── PROVIDED ENTRIES
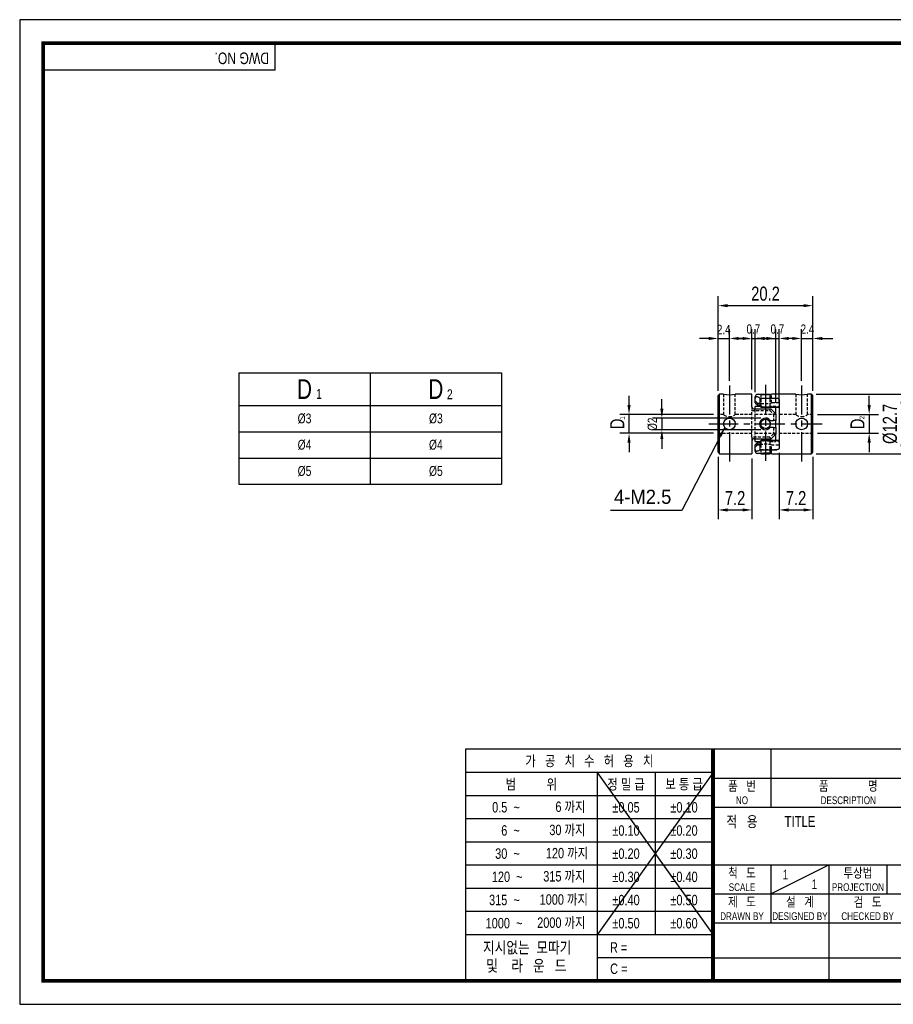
# Model space of a CAD drawing. Header units: millimetres. Extents: x 0 to 297, y 0 to 210.
# Tile 1 of 2: x 0 to 186, y 0 to 210. Entities that reach past the tile are written whole.
import ezdxf
from ezdxf.enums import TextEntityAlignment as Align

# ---------------------------------------------------------------- set-up
doc = ezdxf.new("R2010")
doc.units = ezdxf.units.MM
doc.header["$LTSCALE"] = 5
for name, pattern in [('CENTER', [2, 1.25, -0.25, 0.25, -0.25]), ('CENTER2', [1.125, 0.75, -0.125, 0.125, -0.125]), ('DASHED', [0.75, 0.5, -0.25]), ('HIDDEN', [0.375, 0.25, -0.125]), ('HIDDEN2', [0.1875, 0.125, -0.0625]), ('PHANTOM2', [1.25, 0.625, -0.125, 0.125, -0.125, 0.125, -0.125])]:
    doc.linetypes.add(name, pattern=pattern)
doc.layers.get('0').update_dxf_attribs({"linetype": 'CONTINUOUS'})
doc.layers.get('Defpoints').update_dxf_attribs({"linetype": 'CONTINUOUS'})
for name, color, linetype in [('BM', 2, 'CONTINUOUS'), ('C', 1, 'CENTER2'), ('CT', 1, 'CENTER'), ('D', 7, 'CONTINUOUS'), ('DIM', 7, 'CONTINUOUS'), ('H', 3, 'HIDDEN'), ('HD', 4, 'DASHED'), ('P', 4, 'PHANTOM2')]:
    doc.layers.add(name, color=color, linetype=linetype)
doc.styles.get("Standard").update_dxf_attribs({"font": 'Gulim.ttf', "width": 0.8, "height": 3})
doc.dimstyles.new('LIM', dxfattribs={"dimtxt": 2, "dimasz": 2, "dimexe": 2, "dimexo": 1, "dimgap": 1, "dimtad": 1, "dimdec": 3, "dimzin": 9, "dimdsep": 46, "dimtxsty": 'Standard', "dimcen": 3, "dimclrd": 1, "dimclre": 1, "dimadec": 0, "dimazin": 0, "dimtfac": 1, "dimtdec": 3, "dimtmove": 0, "dimatfit": 3, "dimfxl": 0, "dimtolj": 1, "dimtzin": 0, "dimarcsym": 0})

# ---------------------------------------------------------------- blocks, each defined once
blk = doc.blocks.new('*D230')
at = {"layer": 'Defpoints', "color": 0}
for p in [(169.11, 149.01), (148.91, 129.84), (169.11, 129.84)]:
    blk.add_point(p, dxfattribs=at)
at = {"layer": 'DIM', "color": 1, "lineweight": -2}
for p, q in [((148.91, 130.84), (148.91, 151.01)), ((169.11, 130.84), (169.11, 151.01)), ((150.91, 149.01), (167.11, 149.01))]:
    blk.add_line(p, q, dxfattribs=at)
at = {"layer": 'DIM', "color": 1}
for points in [[(150.91, 149.34), (150.91, 148.68), (148.91, 149.01)], [(167.11, 149.34), (167.11, 148.68), (169.11, 149.01)]]:
    blk.add_solid(points, dxfattribs=at)
at = {"layer": 'DIM', "color": 0, "insert": (159.01, 151.55), "char_height": 3, "attachment_point": 5}
blk.add_mtext('\\A1;20.2', dxfattribs=at)
blk = doc.blocks.new('*D231')
at = {"layer": 'Defpoints', "color": 0}
for p in [(148.91, 117.74), (156.11, 117.44), (156.11, 105.44)]:
    blk.add_point(p, dxfattribs=at)
at = {"layer": 'DIM', "color": 1, "lineweight": -2}
for p, q in [((148.91, 116.74), (148.91, 103.44)), ((156.11, 116.44), (156.11, 103.44)), ((150.91, 105.44), (154.11, 105.44))]:
    blk.add_line(p, q, dxfattribs=at)
at = {"layer": 'DIM', "color": 1}
for points in [[(150.91, 105.77), (150.91, 105.1), (148.91, 105.44)], [(154.11, 105.77), (154.11, 105.1), (156.11, 105.44)]]:
    blk.add_solid(points, dxfattribs=at)
at = {"layer": 'DIM', "color": 0, "insert": (152.51, 107.98), "char_height": 3, "attachment_point": 5}
blk.add_mtext('\\A1;7.2', dxfattribs=at)
blk = doc.blocks.new('*D232')
at = {"layer": 'Defpoints', "color": 0}
for p in [(129.91, 125.79), (148.91, 125.79), (148.91, 121.79)]:
    blk.add_point(p, dxfattribs=at)
at = {"layer": 'DIM', "color": 1, "lineweight": -2}
for p, q in [((129.91, 127.79), (129.91, 129.79)), ((147.91, 125.79), (127.91, 125.79)), ((129.91, 121.79), (129.91, 125.79)), ((147.91, 121.79), (127.91, 121.79)), ((129.91, 119.79), (129.91, 117.79))]:
    blk.add_line(p, q, dxfattribs=at)
at = {"layer": 'DIM', "color": 1}
for points in [[(129.57, 127.79), (130.24, 127.79), (129.91, 125.79)], [(129.57, 119.79), (130.24, 119.79), (129.91, 121.79)]]:
    blk.add_solid(points, dxfattribs=at)
at = {"layer": 'DIM', "color": 0, "insert": (127.4, 123.79), "char_height": 3, "attachment_point": 5, "rotation": 90}
blk.add_mtext('\\A1;D', dxfattribs=at)
blk = doc.blocks.new('*D233')
at = {"layer": 'Defpoints', "color": 0}
for p in [(161.91, 118.61), (169.11, 117.74), (169.11, 105.44)]:
    blk.add_point(p, dxfattribs=at)
at = {"layer": 'DIM', "color": 1, "lineweight": -2}
for p, q in [((161.91, 117.61), (161.91, 103.44)), ((169.11, 116.74), (169.11, 103.44)), ((163.91, 105.44), (167.11, 105.44))]:
    blk.add_line(p, q, dxfattribs=at)
at = {"layer": 'DIM', "color": 1}
for points in [[(163.91, 105.77), (163.91, 105.1), (161.91, 105.44)], [(167.11, 105.77), (167.11, 105.1), (169.11, 105.44)]]:
    blk.add_solid(points, dxfattribs=at)
at = {"layer": 'DIM', "color": 0, "insert": (165.51, 107.98), "char_height": 3, "attachment_point": 5}
blk.add_mtext('\\A1;7.2', dxfattribs=at)
blk = doc.blocks.new('*D234')
at = {"layer": 'Defpoints', "color": 0}
for p in [(168.81, 130.14), (168.81, 117.44), (188.11, 117.44)]:
    blk.add_point(p, dxfattribs=at)
at = {"layer": 'DIM', "color": 1, "lineweight": -2}
for p, q in [((169.81, 130.14), (190.11, 130.14)), ((188.11, 128.14), (188.11, 119.44)), ((169.81, 117.44), (190.11, 117.44))]:
    blk.add_line(p, q, dxfattribs=at)
at = {"layer": 'DIM', "color": 1}
for points in [[(187.77, 128.14), (188.44, 128.14), (188.11, 130.14)], [(187.77, 119.44), (188.44, 119.44), (188.11, 117.44)]]:
    blk.add_solid(points, dxfattribs=at)
at = {"layer": 'DIM', "color": 0, "insert": (185.56, 123.79), "char_height": 3, "attachment_point": 5, "rotation": 90}
blk.add_mtext('\\A1;%%c12.7', dxfattribs=at)
blk = doc.blocks.new('*D235')
at = {"layer": 'Defpoints', "color": 0}
for p in [(169.11, 125.79), (169.11, 121.79), (181.11, 121.79)]:
    blk.add_point(p, dxfattribs=at)
at = {"layer": 'DIM', "color": 1, "lineweight": -2}
for p, q in [((181.11, 127.79), (181.11, 129.79)), ((170.11, 125.79), (183.11, 125.79)), ((181.11, 125.79), (181.11, 121.79)), ((170.11, 121.79), (183.11, 121.79)), ((181.11, 119.79), (181.11, 117.79))]:
    blk.add_line(p, q, dxfattribs=at)
at = {"layer": 'DIM', "color": 1}
for points in [[(180.77, 127.79), (181.44, 127.79), (181.11, 125.79)], [(180.77, 119.79), (181.44, 119.79), (181.11, 121.79)]]:
    blk.add_solid(points, dxfattribs=at)
at = {"layer": 'DIM', "color": 0, "insert": (178.6, 123.79), "char_height": 3, "attachment_point": 5, "rotation": 90}
blk.add_mtext('\\A1;D', dxfattribs=at)

msp = doc.modelspace()

# ---------------------------------------------------------------- linework, layer by layer
for p, q in [((54.437, 199.2323), (54.437, 205)), ((54.437, 199.2323), (5, 199.2323)), ((46.7219, 134.7112), (102.7219, 134.7112)), ((46.7219, 134.7112), (46.7219, 110.9112)), ((102.7219, 134.7112), (102.7219, 110.9112)), ((46.7219, 110.9112), (102.7219, 110.9112)), ((95.0758, 54.437), (95.0758, 5)), ((147.8086, 54.437), (95.0758, 54.437)), ((292, 54.437), (147.8086, 54.437)), ((147.8086, 54.437), (147.8086, 5)), ((160.1679, 54.437), (160.1679, 42.0778)), ((147.8086, 49.4295), (95.0758, 49.4295)), ((147.8086, 49.4295), (123.0901, 14.8235)), ((123.0901, 49.4295), (147.8086, 14.8235)), ((123.0901, 49.4295), (123.0901, 5)), ((135.4493, 49.4295), (135.4493, 14.8235)), ((147.8086, 48.2574), (292, 48.2574)), ((147.8086, 44.4858), (95.0758, 44.4858)), ((147.8086, 42.0778), (292, 42.0778)), ((147.8086, 39.5421), (95.0758, 39.5421)), ((147.8086, 34.5984), (95.0758, 34.5984)), ((147.8086, 29.6547), (95.0758, 29.6547)), ((147.8086, 29.7185), (292, 29.7185)), ((160.1679, 23.5389), (172.5271, 29.7185)), ((160.1679, 29.7185), (160.1679, 17.3593)), ((172.5271, 29.7185), (172.5271, 5)), ((184.8864, 29.7185), (184.8864, 23.5389)), ((147.8086, 24.711), (95.0758, 24.711)), ((147.8086, 23.5389), (221.9642, 23.5389)), ((147.8086, 19.7673), (95.0758, 19.7673)), ((147.8086, 17.3593), (292, 17.3593)), ((147.8086, 14.8235), (95.0758, 14.8235)), ((147.8086, 9.8798), (123.0901, 9.8798)), ((147.8086, 9.8798), (221.9642, 9.8798))]:
    msp.add_line(p, q)
at = {"color": 4}
for p, q in [((74.7219, 134.7112), (74.7219, 110.9112)), ((46.7219, 127.7112), (102.7219, 127.7112))]:
    msp.add_line(p, q, dxfattribs=at)
at = {"color": 1}
for p, q in [((46.7219, 122.1112), (102.7219, 122.1112)), ((46.7219, 116.5112), (102.7219, 116.5112))]:
    msp.add_line(p, q, dxfattribs=at)
msp.add_lwpolyline([(297, 210), (0, 210), (0, 0), (297, 0)], close=True)
msp.add_lwpolyline([(292, 205, 0.8, 0.8, 0), (5, 205, 0.8, 0.8, 0), (5, 5, 0.8, 0.8, 0), (292, 5, 0.8, 0.8, 0)], format="xyseb", close=True)
at = {"const_width": 0.824}
msp.add_lwpolyline([(147.8086, 5), (147.8086, 54.437)], dxfattribs=at)
at = {"layer": 'BM', "linetype": 'Continuous'}
for p, q in [((149.2059, 130.1351), (148.9059, 129.8351)), ((148.9059, 117.7351), (148.9059, 129.8351)), ((149.2059, 117.4351), (149.2059, 130.1351)), ((150.0601, 130.1351), (149.2059, 130.1351)), ((156.1059, 130.1351), (152.5541, 130.1351)), ((156.1059, 127.4601), (156.1059, 130.1351)), ((156.8059, 129.2158), (156.8059, 129.5868)), ((156.8059, 128.2763), (156.8059, 129.2158)), ((156.8059, 128.2763), (156.8892, 128.1413)), ((157.3059, 127.7649), (156.8892, 128.1413)), ((158.0059, 130.0907), (157.3059, 130.0907)), ((157.8059, 129.2844), (161.4059, 129.2844)), ((157.8059, 129.2844), (157.8059, 127.5808)), ((158.0059, 130.1351), (160.0059, 130.1351)), ((158.0059, 130.1351), (158.0059, 130.0907)), ((160.0059, 130.091), (160.0059, 130.1351)), ((165.4577, 130.1351), (160.2517, 130.1351)), ((161.9059, 128.9636), (161.9059, 118.6066)), ((168.8059, 130.1351), (167.9517, 130.1351)), ((168.8059, 117.4351), (168.8059, 130.1351)), ((169.1059, 129.8351), (168.8059, 130.1351)), ((169.1059, 117.7351), (169.1059, 129.8351)), ((160.2059, 126.9601), (156.6059, 126.9601)), ((157.7225, 127.5351), (156.8059, 127.5351)), ((156.8059, 126.9607), (156.8059, 127.5351)), ((157.8059, 127.5808), (157.9778, 127.4259)), ((157.9778, 127.4259), (161.4059, 127.4259)), ((158.1175, 127.2654), (157.9778, 127.4259)), ((161.9059, 127.2654), (158.1174, 127.2654)), ((160.7059, 126.4601), (160.2059, 126.9601)), ((160.7059, 126.4601), (161.2059, 125.9601)), ((161.2059, 125.9621), (161.2059, 127.2693)), ((160.0059, 124.5351), (160.7059, 124.5351)), ((161.2059, 124.5351), (160.7059, 124.5351)), ((161.2059, 125.9601), (161.2059, 124.5351)), ((161.2059, 123.0343), (161.2059, 124.5351)), ((160.7059, 123.0351), (160.0059, 123.0351)), ((160.7059, 123.0351), (161.2059, 123.0351)), ((161.2059, 123.0351), (161.2059, 121.6101)), ((156.1059, 120.1101), (156.1059, 117.4351)), ((156.6059, 120.6101), (160.2059, 120.6101)), ((156.8059, 120.0351), (156.8059, 120.6101)), ((156.8059, 120.0351), (157.7225, 120.0351)), ((156.8892, 119.4289), (157.3059, 119.8053)), ((156.8892, 119.4289), (157.3059, 119.8053)), ((157.9778, 120.1443), (157.8059, 119.9894)), ((157.8059, 119.9894), (157.8059, 118.2859)), ((157.9778, 120.1443), (158.1175, 120.3048)), ((161.4059, 120.1443), (157.9778, 120.1443)), ((158.1175, 120.3048), (161.9059, 120.3048)), ((160.2059, 120.6101), (160.7059, 121.1101)), ((161.2059, 121.6101), (160.7059, 121.1101)), ((161.2059, 120.302), (161.2059, 121.6101)), ((148.9059, 117.7351), (149.2059, 117.4351)), ((156.8892, 119.4289), (156.8059, 119.2939)), ((156.8059, 118.3545), (156.8059, 119.2939)), ((156.8059, 117.9834), (156.8059, 118.3545)), ((157.8059, 118.2859), (161.4059, 118.2859)), ((168.8059, 117.4351), (169.1059, 117.7351)), ((149.2059, 117.4351), (156.1059, 117.4351)), ((158.0059, 117.4796), (157.3059, 117.4796)), ((158.0059, 117.4796), (158.0059, 117.4351)), ((158.0059, 117.4351), (160.0059, 117.4351)), ((160.0059, 117.4351), (160.0059, 117.4793)), ((160.2541, 117.4351), (168.8059, 117.4351))]:
    msp.add_line(p, q, dxfattribs=at)
at = {"layer": 'BM', "linetype": 'HIDDEN2'}
for p, q in [((156.1059, 127.4601), (156.1059, 126.6222)), ((158.0093, 127.5351), (157.7225, 127.5351)), ((158.1175, 127.2654), (157.9778, 127.4259)), ((157.7225, 120.0351), (158.0086, 120.0351)), ((157.9778, 120.1443), (158.1175, 120.3048)), ((161.4059, 118.2859), (157.8059, 118.2859))]:
    msp.add_line(p, q, dxfattribs=at)
at = {"layer": 'BM', "linetype": 'Continuous'}
for centre, radius in [((151.3059, 123.7851), 1.25), ((159.0059, 123.7851), 1), ((166.7059, 123.7851), 1.25)]:
    msp.add_circle(centre, radius, dxfattribs=at)
at = {"layer": 'BM', "linetype": 'HIDDEN2'}
msp.add_circle((159.0059, 123.7851), 1, dxfattribs=at)
at = {"layer": 'BM', "linetype": 'Continuous'}
for centre, radius, start, end in [((151.3058, 136.3572), 6.3464, 258.641924, 281.357516), ((157.3077, 129.5888), 0.5018, 90.208622, 180.2285), ((154.8577, 123.7891), 4.803, 52.133962, 64.977905), ((154.6309, 123.7851), 6.35, 60, 65.085848), ((159.0078, 136.3456), 6.3346, 260.900817, 281.362078), ((166.7059, 136.3572), 6.3464, 258.640341, 281.358076), ((156.6059, 127.4601), 0.5, 180, 270), ((155.1768, 123.3964), 4.8597, 52.763148, 64.016481), ((159.0059, 123.7851), 1.25, 36.869898, 323.130102), ((156.6059, 120.1101), 0.5, 90, 180), ((154.8576, 123.7813), 4.8032, 295.022075, 307.865538), ((155.1766, 124.174), 4.86, 295.984227, 307.237099), ((157.3076, 117.9813), 0.5017, 179.757417, 269.805461), ((154.6309, 123.7851), 6.35, 294.914152, 300), ((159.0078, 111.2249), 6.3344, 78.638375, 99.10051)]:
    msp.add_arc(centre, radius, start, end, dxfattribs=at)
for centre, major_axis, start_param, end_param in [((161.4059, 127.6634), (0.5, 0), 4.71238898, 6.28318531), ((161.4059, 119.9068), (-0.5, 0), 3.14159265, 4.71238898)]:
    msp.add_ellipse(centre, major_axis=major_axis, ratio=0.47498587, start_param=start_param, end_param=end_param, dxfattribs=at)
for points, knots in [([(157.3059, 129.5442), (157.2493, 129.5705), (157.1895, 129.5866), (157.13, 129.5879), (157.0869, 129.5888), (157.0431, 129.5819), (157.0018, 129.5646), (156.9697, 129.5512), (156.9383, 129.531), (156.9108, 129.5038), (156.8881, 129.4814), (156.8676, 129.4536), (156.8514, 129.4219), (156.8351, 129.3901), (156.8227, 129.3536), (156.8153, 129.3158), (156.8089, 129.2834), (156.8059, 129.2494), (156.8059, 129.2158)], [0, 0, 0, 0, 0.27727012, 0.27727012, 0.27727012, 0.47730408, 0.47730408, 0.47730408, 0.63312106, 0.63312106, 0.63312106, 0.76137616, 0.76137616, 0.76137616, 0.89017892, 0.89017892, 0.89017892, 1, 1, 1, 1]), ([(161.4059, 129.2844), (161.4561, 129.2844), (161.5071, 129.2799), (161.5543, 129.2713), (161.6015, 129.2628), (161.6463, 129.25), (161.6857, 129.234), (161.7269, 129.2174), (161.7633, 129.1969), (161.7932, 129.1741), (161.8268, 129.1484), (161.853, 129.1192), (161.8714, 129.0884), (161.8946, 129.0494), (161.9059, 129.0068), (161.9059, 128.9636)], [0, 0, 0, 0, 0.17550128, 0.17550128, 0.17550128, 0.35044549, 0.35044549, 0.35044549, 0.53328294, 0.53328294, 0.53328294, 0.73917562, 0.73917562, 0.73917562, 1, 1, 1, 1]), ([(156.8059, 118.3545), (156.8059, 118.3155), (156.81, 118.2759), (156.8186, 118.2389), (156.8273, 118.2017), (156.8409, 118.1662), (156.8582, 118.1356), (156.8746, 118.1066), (156.8947, 118.0814), (156.9165, 118.0609), (156.9457, 118.0336), (156.9787, 118.0139), (157.0125, 118.0014), (157.0591, 117.9841), (157.1083, 117.9794), (157.1563, 117.9839), (157.207, 117.9886), (157.2576, 118.0036), (157.3059, 118.0261)], [0, 0, 0, 0, 0.1277866, 0.1277866, 0.1277866, 0.25635561, 0.25635561, 0.25635561, 0.37775071, 0.37775071, 0.37775071, 0.54001803, 0.54001803, 0.54001803, 0.76397071, 0.76397071, 0.76397071, 1, 1, 1, 1]), ([(161.9059, 118.6066), (161.9059, 118.5576), (161.8913, 118.5092), (161.8611, 118.4659), (161.8381, 118.4328), (161.8052, 118.4018), (161.7637, 118.3757), (161.7219, 118.3494), (161.6698, 118.3271), (161.612, 118.3118), (161.5621, 118.2985), (161.5064, 118.2899), (161.4504, 118.287), (161.4356, 118.2862), (161.4207, 118.2859), (161.4059, 118.2859)], [0, 0, 0, 0, 0.29684631, 0.29684631, 0.29684631, 0.52350933, 0.52350933, 0.52350933, 0.7523319, 0.7523319, 0.7523319, 0.94896129, 0.94896129, 0.94896129, 1, 1, 1, 1])]:
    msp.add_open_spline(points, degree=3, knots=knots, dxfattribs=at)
────
▶ TASK TO COMPLETE: Scan the records above for the word "CENTER". Copy each line that has it.

▶ FINISHED EXERCISE:
for name, pattern in [('CENTER', [2, 1.25, -0.25, 0.25, -0.25]), ('CENTER2', [1.125, 0.75, -0.125, 0.125, -0.125]), ('DASHED', [0.75, 0.5, -0.25]), ('HIDDEN', [0.375, 0.25, -0.125]), ('HIDDEN2', [0.1875, 0.125, -0.0625]), ('PHANTOM2', [1.25, 0.625, -0.125, 0.125, -0.125, 0.125, -0.125])]:
for name, color, linetype in [('BM', 2, 'CONTINUOUS'), ('C', 1, 'CENTER2'), ('CT', 1, 'CENTER'), ('D', 7, 'CONTINUOUS'), ('DIM', 7, 'CONTINUOUS'), ('H', 3, 'HIDDEN'), ('HD', 4, 'DASHED'), ('P', 4, 'PHANTOM2')]:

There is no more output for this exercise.